L'Association immobilière de Hô Chi Minh-Ville (HoREA) vient de publier le document n° 110/2026/CV-HoREA du 3 septembre 2026 proposant d'ajouter et d'unifier les réglementations relatives au groupe de biens immobiliers qui sont des ouvrages de construction ayant des fonctions de bureaux, de tourisme et d'hébergement dans le projet de loi sur le commerce immobilier (amendée).
L'Association immobilière de Hô Chi Minh-Ville (HoREA) constate que les activités d'investissement et de commerce de types de produits immobiliers tels que "projets de construction ayant des fonctions servant des objectifs de bureaux, de tourisme et d'hébergement" ont commencé à se développer dans notre pays depuis l'entrée en vigueur de la loi sur le commerce immobilier de 2006 et se sont très fortement développées pendant la période d'"explosion" 2015-2019.
Cependant, la loi sur le commerce immobilier de 2014, la loi sur le commerce immobilier de 2023 et le projet de loi sur le commerce immobilier (amendée) (ci-après dénommé projet de loi) ne contiennent toujours pas suffisamment de réglementations nécessaires pour réglementer de manière globale les activités d'investissement et commerciales des types de produits immobiliers tels que « les ouvrages de construction ayant des fonctions servant des objectifs de bureaux, de tourisme et d'hébergement ».

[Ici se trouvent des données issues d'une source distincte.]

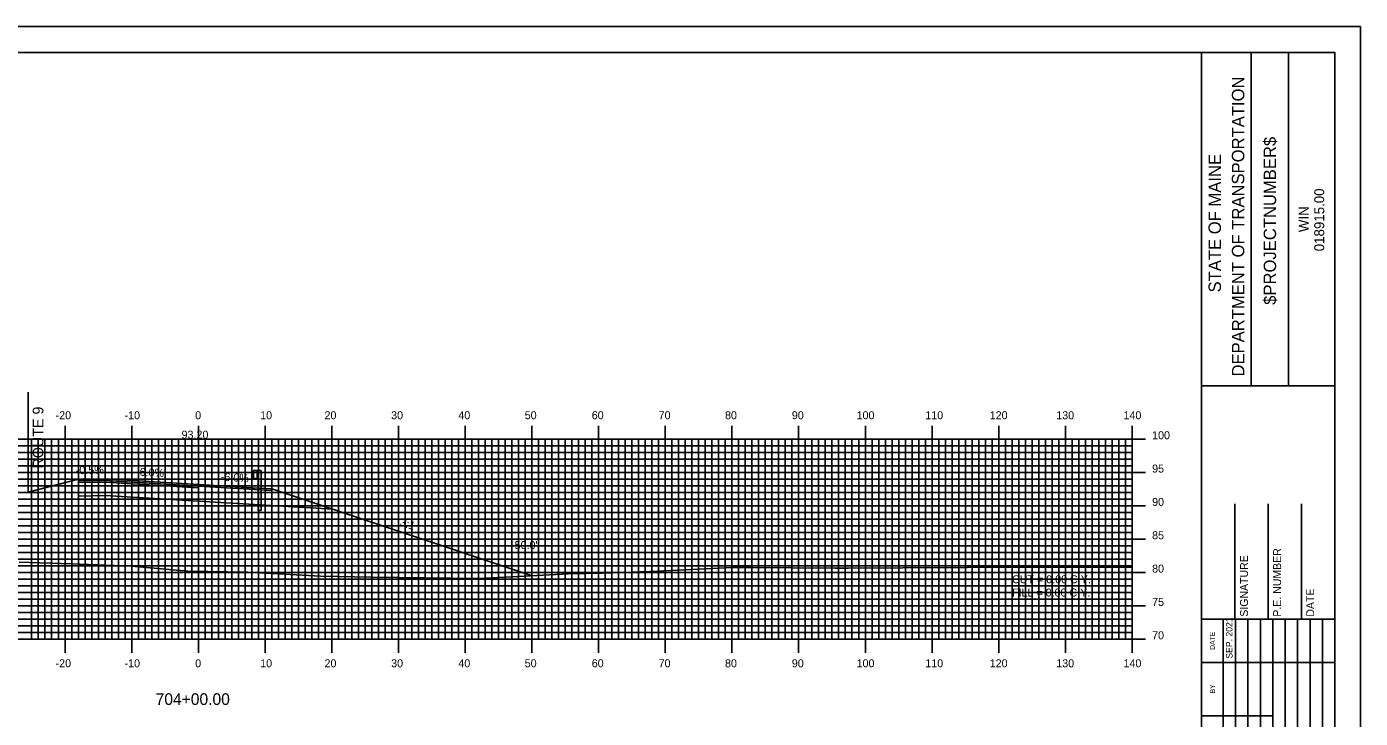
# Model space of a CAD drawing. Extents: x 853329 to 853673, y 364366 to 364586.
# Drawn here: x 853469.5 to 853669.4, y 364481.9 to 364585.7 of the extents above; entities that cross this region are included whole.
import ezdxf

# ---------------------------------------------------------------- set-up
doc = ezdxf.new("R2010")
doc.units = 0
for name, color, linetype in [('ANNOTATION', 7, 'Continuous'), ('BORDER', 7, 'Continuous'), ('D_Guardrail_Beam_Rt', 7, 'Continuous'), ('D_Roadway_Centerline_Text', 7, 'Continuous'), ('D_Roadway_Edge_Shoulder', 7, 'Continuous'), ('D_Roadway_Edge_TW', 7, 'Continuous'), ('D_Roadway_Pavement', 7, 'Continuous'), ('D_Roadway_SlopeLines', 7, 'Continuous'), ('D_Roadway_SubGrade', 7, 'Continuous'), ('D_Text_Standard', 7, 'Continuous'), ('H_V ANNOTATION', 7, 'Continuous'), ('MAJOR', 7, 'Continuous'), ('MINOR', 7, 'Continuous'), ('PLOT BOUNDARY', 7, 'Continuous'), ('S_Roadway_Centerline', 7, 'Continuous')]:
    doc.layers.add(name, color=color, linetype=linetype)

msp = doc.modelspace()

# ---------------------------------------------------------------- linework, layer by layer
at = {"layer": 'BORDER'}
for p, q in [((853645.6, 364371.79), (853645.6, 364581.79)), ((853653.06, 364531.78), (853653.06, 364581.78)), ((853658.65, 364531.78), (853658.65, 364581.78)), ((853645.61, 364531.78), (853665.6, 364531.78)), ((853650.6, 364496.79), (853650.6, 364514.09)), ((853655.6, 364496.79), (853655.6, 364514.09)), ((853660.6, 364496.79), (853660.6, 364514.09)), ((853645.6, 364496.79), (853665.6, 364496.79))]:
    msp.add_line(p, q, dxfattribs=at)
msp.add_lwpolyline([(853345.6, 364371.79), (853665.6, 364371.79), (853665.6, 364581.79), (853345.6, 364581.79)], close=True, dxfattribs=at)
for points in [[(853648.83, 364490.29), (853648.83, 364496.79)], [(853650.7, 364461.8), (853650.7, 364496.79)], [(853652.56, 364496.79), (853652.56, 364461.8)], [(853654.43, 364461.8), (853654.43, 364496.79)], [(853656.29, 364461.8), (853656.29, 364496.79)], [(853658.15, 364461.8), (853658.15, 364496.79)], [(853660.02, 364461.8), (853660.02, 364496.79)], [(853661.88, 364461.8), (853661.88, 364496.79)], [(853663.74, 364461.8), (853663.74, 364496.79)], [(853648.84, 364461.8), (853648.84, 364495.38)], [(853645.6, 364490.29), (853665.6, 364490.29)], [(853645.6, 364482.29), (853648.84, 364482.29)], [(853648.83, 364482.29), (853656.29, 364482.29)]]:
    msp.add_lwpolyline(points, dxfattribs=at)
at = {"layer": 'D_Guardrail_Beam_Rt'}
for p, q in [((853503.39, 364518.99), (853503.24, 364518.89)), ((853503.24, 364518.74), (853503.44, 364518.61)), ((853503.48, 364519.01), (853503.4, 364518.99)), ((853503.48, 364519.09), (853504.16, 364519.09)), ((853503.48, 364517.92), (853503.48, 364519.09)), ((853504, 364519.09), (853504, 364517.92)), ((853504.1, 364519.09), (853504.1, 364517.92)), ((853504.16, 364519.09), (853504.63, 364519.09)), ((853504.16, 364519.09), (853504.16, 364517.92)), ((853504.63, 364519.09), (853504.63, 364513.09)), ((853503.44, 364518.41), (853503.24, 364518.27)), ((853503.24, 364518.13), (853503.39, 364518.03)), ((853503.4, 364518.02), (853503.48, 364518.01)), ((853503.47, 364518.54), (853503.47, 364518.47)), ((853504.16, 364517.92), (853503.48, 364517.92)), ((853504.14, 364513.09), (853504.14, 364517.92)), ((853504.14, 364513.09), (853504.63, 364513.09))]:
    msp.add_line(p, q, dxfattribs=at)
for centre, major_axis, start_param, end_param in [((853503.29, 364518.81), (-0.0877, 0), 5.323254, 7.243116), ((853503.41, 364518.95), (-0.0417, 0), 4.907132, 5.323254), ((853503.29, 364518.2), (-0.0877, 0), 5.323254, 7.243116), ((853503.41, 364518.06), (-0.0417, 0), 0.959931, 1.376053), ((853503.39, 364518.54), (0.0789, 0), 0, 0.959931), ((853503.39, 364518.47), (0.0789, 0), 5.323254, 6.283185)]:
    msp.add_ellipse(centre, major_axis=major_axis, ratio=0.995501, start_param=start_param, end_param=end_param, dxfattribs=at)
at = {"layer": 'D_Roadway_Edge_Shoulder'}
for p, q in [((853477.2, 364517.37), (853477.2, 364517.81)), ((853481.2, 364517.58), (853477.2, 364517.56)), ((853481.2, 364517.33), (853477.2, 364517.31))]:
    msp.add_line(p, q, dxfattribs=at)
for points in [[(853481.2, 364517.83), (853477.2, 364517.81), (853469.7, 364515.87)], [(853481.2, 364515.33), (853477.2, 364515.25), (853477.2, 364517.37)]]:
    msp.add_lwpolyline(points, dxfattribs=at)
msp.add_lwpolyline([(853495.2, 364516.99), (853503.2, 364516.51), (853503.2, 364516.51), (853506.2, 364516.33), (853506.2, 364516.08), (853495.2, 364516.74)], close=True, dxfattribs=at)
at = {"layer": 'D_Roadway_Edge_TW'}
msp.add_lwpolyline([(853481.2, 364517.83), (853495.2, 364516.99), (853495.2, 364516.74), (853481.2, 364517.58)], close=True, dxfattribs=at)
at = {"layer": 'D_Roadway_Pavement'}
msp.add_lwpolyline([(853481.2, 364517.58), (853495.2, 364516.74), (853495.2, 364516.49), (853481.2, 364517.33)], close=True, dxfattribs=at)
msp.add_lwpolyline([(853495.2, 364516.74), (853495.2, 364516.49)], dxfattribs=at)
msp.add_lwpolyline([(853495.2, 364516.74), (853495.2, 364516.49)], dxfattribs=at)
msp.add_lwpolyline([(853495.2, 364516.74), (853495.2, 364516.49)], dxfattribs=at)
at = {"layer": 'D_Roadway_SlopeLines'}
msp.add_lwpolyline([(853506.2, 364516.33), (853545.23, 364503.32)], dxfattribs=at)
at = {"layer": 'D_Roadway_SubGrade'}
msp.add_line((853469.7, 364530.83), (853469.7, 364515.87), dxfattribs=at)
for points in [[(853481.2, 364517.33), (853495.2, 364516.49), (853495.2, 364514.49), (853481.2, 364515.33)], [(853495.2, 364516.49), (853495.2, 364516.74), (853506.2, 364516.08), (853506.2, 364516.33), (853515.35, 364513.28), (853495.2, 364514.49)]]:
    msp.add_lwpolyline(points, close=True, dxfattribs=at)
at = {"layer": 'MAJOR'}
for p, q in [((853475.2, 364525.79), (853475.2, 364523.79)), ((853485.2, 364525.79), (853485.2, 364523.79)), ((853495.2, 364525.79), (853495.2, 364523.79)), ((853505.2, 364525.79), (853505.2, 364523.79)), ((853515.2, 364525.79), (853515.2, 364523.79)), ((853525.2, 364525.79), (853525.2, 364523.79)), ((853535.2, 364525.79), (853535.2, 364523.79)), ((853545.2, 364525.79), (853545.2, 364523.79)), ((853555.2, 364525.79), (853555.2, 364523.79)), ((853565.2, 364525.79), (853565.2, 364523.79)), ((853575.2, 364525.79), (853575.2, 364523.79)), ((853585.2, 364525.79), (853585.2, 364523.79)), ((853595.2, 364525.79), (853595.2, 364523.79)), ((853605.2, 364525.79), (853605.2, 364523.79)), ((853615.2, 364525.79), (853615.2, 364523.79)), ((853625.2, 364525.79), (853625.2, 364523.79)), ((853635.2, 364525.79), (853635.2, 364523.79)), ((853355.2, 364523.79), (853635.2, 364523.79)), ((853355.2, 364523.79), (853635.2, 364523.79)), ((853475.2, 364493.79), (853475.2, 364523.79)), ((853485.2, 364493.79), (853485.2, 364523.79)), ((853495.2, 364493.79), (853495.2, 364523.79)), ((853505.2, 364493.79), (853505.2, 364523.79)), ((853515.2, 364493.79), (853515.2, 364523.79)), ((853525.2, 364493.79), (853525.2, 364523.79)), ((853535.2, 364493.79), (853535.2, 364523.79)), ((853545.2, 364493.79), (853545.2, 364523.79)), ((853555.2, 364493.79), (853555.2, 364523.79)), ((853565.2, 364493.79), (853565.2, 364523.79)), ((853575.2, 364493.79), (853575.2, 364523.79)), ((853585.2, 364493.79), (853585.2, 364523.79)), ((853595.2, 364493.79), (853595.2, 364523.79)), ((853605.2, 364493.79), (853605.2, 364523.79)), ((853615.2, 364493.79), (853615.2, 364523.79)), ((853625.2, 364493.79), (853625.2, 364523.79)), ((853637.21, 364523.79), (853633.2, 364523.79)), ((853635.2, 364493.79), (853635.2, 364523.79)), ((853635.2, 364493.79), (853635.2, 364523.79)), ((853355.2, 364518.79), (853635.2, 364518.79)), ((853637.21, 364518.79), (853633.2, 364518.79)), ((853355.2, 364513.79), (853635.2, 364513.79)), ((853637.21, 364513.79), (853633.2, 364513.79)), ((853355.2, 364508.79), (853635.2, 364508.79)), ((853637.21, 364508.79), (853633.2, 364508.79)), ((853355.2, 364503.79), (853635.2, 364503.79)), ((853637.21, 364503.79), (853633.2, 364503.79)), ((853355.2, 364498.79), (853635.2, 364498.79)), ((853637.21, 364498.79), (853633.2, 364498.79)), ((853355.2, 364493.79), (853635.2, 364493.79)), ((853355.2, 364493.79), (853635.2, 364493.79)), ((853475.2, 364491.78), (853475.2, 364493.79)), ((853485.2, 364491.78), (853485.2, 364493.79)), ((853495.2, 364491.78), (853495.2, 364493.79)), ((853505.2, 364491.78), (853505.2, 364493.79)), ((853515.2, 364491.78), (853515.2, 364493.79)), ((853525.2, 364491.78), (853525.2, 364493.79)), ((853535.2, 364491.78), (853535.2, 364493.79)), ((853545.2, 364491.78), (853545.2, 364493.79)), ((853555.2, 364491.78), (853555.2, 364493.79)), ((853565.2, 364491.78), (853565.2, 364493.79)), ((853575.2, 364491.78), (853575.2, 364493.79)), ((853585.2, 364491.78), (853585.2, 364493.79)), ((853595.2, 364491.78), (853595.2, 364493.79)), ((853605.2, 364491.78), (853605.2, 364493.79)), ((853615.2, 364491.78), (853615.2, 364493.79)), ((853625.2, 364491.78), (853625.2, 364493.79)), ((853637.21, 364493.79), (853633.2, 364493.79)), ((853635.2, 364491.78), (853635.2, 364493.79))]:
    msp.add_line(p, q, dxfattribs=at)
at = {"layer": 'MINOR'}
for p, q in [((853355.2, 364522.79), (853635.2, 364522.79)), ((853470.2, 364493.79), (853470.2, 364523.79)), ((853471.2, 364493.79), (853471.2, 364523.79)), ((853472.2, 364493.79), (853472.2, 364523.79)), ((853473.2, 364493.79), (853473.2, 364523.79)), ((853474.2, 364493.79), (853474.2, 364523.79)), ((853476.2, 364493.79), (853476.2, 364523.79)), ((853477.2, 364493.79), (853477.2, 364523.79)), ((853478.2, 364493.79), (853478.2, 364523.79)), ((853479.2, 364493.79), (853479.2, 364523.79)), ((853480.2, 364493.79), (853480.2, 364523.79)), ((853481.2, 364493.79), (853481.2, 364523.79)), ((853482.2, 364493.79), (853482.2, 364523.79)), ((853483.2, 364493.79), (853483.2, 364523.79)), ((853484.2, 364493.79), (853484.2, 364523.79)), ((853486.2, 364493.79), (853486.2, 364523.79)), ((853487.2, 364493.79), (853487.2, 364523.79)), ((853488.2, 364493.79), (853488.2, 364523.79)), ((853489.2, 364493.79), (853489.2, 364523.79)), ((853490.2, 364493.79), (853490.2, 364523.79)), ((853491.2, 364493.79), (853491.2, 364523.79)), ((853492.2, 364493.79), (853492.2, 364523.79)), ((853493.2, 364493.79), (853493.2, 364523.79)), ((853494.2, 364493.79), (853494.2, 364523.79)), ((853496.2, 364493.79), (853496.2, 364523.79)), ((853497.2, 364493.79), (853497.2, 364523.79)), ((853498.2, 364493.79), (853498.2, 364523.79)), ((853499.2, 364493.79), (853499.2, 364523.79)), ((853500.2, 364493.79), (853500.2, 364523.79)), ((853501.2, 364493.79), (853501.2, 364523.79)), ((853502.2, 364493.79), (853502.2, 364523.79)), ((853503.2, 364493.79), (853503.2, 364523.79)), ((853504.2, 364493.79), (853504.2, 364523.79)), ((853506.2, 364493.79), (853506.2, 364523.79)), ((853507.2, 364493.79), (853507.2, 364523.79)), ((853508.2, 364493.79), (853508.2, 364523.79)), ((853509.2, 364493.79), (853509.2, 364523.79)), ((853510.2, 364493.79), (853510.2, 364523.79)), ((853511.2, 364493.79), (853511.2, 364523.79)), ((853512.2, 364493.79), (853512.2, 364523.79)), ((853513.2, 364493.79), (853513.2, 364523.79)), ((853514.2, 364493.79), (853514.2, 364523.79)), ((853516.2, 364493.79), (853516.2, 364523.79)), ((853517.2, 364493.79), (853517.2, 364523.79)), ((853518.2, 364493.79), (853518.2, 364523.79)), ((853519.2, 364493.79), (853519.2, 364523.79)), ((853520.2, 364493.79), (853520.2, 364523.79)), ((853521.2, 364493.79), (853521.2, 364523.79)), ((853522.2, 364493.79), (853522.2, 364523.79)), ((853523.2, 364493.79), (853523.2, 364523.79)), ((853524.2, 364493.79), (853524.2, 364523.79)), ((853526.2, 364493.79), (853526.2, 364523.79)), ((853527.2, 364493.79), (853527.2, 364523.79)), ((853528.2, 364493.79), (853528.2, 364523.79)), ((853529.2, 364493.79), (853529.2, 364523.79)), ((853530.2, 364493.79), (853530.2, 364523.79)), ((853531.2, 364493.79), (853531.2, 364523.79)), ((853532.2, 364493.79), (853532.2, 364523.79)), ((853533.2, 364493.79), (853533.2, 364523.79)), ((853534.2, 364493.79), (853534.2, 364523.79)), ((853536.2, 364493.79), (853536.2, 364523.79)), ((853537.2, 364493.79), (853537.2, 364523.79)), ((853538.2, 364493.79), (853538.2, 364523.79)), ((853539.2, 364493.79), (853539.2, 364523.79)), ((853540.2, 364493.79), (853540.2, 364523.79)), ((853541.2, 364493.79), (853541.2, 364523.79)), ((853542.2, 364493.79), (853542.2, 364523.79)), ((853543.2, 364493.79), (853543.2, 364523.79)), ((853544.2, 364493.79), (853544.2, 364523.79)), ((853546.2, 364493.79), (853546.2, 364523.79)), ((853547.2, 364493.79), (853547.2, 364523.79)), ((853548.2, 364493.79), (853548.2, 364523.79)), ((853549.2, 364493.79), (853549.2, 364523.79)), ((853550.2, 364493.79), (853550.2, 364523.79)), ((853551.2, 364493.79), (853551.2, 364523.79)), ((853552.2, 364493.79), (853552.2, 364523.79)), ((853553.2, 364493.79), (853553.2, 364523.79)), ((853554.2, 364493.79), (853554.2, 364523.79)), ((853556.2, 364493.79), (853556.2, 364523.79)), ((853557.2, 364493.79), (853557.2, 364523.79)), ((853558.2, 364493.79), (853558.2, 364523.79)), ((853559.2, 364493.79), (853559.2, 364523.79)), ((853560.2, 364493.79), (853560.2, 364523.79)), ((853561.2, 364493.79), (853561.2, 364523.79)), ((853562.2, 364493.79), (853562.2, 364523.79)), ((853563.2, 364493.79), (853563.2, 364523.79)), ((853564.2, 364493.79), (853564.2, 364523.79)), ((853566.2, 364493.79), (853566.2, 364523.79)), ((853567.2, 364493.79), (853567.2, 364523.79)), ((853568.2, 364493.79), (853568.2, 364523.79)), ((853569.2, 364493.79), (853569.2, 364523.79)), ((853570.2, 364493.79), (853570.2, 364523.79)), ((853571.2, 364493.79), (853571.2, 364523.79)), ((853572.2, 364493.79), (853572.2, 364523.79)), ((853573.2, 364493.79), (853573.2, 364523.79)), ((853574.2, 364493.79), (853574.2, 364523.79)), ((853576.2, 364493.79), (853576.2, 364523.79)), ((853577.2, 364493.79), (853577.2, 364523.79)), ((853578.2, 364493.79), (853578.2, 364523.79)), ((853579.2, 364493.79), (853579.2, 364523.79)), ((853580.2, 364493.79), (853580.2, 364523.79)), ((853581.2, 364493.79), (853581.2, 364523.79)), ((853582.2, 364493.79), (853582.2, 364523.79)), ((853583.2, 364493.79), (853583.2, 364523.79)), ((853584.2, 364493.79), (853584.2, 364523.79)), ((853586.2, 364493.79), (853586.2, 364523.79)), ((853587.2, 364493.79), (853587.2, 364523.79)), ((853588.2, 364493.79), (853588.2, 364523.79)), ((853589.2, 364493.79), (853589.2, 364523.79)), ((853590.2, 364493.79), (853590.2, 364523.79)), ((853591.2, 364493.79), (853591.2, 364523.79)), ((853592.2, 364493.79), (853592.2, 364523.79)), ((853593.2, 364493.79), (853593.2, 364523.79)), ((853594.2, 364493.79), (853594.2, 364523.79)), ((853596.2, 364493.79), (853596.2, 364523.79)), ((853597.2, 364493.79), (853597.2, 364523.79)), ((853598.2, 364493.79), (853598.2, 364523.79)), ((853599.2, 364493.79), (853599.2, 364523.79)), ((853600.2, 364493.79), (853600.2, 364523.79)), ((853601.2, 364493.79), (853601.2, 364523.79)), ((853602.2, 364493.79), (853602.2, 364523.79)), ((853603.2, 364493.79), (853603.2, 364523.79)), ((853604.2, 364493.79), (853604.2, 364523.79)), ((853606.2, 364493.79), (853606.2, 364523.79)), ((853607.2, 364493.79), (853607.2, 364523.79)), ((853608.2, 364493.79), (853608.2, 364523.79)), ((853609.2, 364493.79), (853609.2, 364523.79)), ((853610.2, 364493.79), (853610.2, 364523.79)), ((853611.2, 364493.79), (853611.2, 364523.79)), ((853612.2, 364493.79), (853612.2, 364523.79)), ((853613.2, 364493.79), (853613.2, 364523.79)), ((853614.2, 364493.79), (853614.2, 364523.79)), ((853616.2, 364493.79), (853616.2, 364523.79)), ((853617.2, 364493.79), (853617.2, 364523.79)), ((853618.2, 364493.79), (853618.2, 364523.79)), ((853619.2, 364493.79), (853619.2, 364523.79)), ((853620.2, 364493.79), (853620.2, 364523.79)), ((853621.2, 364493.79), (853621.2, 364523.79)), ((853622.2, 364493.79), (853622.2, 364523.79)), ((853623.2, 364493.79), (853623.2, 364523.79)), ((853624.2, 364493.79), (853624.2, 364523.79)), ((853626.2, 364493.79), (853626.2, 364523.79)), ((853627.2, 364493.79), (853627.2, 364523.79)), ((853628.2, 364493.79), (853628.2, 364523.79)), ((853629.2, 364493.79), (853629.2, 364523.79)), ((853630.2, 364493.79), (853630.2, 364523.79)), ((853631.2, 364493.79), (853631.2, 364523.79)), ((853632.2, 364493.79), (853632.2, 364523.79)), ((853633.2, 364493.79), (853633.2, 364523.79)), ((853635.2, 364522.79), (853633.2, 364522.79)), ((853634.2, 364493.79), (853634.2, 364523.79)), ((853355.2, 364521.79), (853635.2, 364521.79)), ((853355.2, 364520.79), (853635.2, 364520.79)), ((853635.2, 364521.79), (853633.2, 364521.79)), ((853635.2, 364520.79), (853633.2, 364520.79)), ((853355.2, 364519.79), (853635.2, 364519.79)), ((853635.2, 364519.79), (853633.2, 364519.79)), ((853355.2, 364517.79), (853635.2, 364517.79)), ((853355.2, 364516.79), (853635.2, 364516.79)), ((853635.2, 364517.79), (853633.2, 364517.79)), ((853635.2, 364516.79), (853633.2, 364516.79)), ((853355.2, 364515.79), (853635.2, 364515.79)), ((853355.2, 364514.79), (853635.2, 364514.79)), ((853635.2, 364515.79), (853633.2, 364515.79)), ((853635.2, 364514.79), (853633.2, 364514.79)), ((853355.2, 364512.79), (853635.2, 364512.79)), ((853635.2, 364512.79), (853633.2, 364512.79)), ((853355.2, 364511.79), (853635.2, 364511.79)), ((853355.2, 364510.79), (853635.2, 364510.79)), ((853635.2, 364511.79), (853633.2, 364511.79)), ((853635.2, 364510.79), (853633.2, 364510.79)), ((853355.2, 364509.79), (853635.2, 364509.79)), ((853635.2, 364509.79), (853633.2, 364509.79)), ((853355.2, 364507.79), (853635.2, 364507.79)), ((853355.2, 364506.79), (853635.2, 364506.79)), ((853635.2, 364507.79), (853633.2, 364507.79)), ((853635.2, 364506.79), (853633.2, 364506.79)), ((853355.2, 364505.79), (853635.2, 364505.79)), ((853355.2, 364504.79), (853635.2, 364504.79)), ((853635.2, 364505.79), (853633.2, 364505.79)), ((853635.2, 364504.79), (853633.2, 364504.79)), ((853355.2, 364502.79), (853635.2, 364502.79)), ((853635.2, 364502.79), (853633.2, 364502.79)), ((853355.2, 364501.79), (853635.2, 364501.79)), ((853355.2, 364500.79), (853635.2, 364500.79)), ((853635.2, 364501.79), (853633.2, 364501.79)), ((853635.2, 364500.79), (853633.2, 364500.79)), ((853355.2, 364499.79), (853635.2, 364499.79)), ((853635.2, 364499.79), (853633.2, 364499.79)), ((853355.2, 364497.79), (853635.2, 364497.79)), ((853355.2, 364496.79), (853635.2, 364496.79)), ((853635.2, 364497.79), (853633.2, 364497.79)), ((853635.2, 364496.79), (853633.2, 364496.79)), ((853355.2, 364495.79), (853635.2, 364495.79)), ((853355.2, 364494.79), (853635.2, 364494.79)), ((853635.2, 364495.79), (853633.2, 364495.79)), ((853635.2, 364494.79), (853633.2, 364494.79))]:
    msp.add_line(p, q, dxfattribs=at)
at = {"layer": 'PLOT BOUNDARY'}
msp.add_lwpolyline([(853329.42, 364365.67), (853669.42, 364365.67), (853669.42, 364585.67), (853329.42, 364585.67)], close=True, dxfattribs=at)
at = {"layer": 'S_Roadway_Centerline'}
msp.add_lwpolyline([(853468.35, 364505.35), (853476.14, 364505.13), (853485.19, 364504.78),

Citant les données de l'Association vietnamienne des agents immobiliers, HoREA a déclaré que de 2022 à juin 2026, 35 538 "condotels" ont été développés, dont 24 767 appartements touristiques, 10 771 villas touristiques, maisons de ville touristiques. En comptant l'offre formée précédemment, le nombre total de produits appartenant à ce groupe est d'environ 146 438, sans compter plus de 10 000 officetels à Hanoï et Hô Chi Minh-Ville.
Parmi ceux-ci, la plupart des projets "condotel" investis au cours de la période 2007-2020 sont "bloqués" en raison du manque de réglementations légales pour les ajuster ou en raison des limites de certaines localités dans le travail d'"application de la loi".
Cela conduit à des violations de la loi lors de la délivrance de certificats de droit d'utilisation des "terres résidentielles stables à long terme sans formation d'unités résidentielles" pour les "condotels" construits sur des "terres commerciales et de services", appartenant au type de terrain utilisé pour une durée maximale de 50 ans; ou en raison du manque de capacité du promoteur, de violations de la loi, d'"engagements de bénéfices trop élevés" dépassant la capacité de paiement ou de mobilisation de capitaux lorsque le projet ne remplit pas les conditions. Ces cas ont été conclus par les autorités compétentes, ont traité les violations et "éliminent les obstacles et les difficultés pour les projets en suspens de longue date".
L'Association souligne que l'achèvement du cadre juridique ne signifie pas légaliser les projets ou les violations qui se sont produites. Dans le même temps, elle exige que les investisseurs de projets remplissent leurs obligations financières envers l'État afin de débloquer les ressources foncières, de créer des conditions pour relancer les projets, de garantir les droits et intérêts légitimes et légaux des clients et des investisseurs.
Selon HoREA, le développement de types d'immobilier "ayant des fonctions de service à des fins touristiques et d'hébergement", y compris les "condotels", doit être réglementé de manière complète, synchrone et uniforme dans le "projet de loi sur le commerce immobilier (amendée)" et les lois connexes. Ceci afin d'assurer l'efficacité et l'efficience de la gestion de l'État, d'assurer l'harmonie des intérêts des clients, des investisseurs, des promoteurs de projets et le développement durable.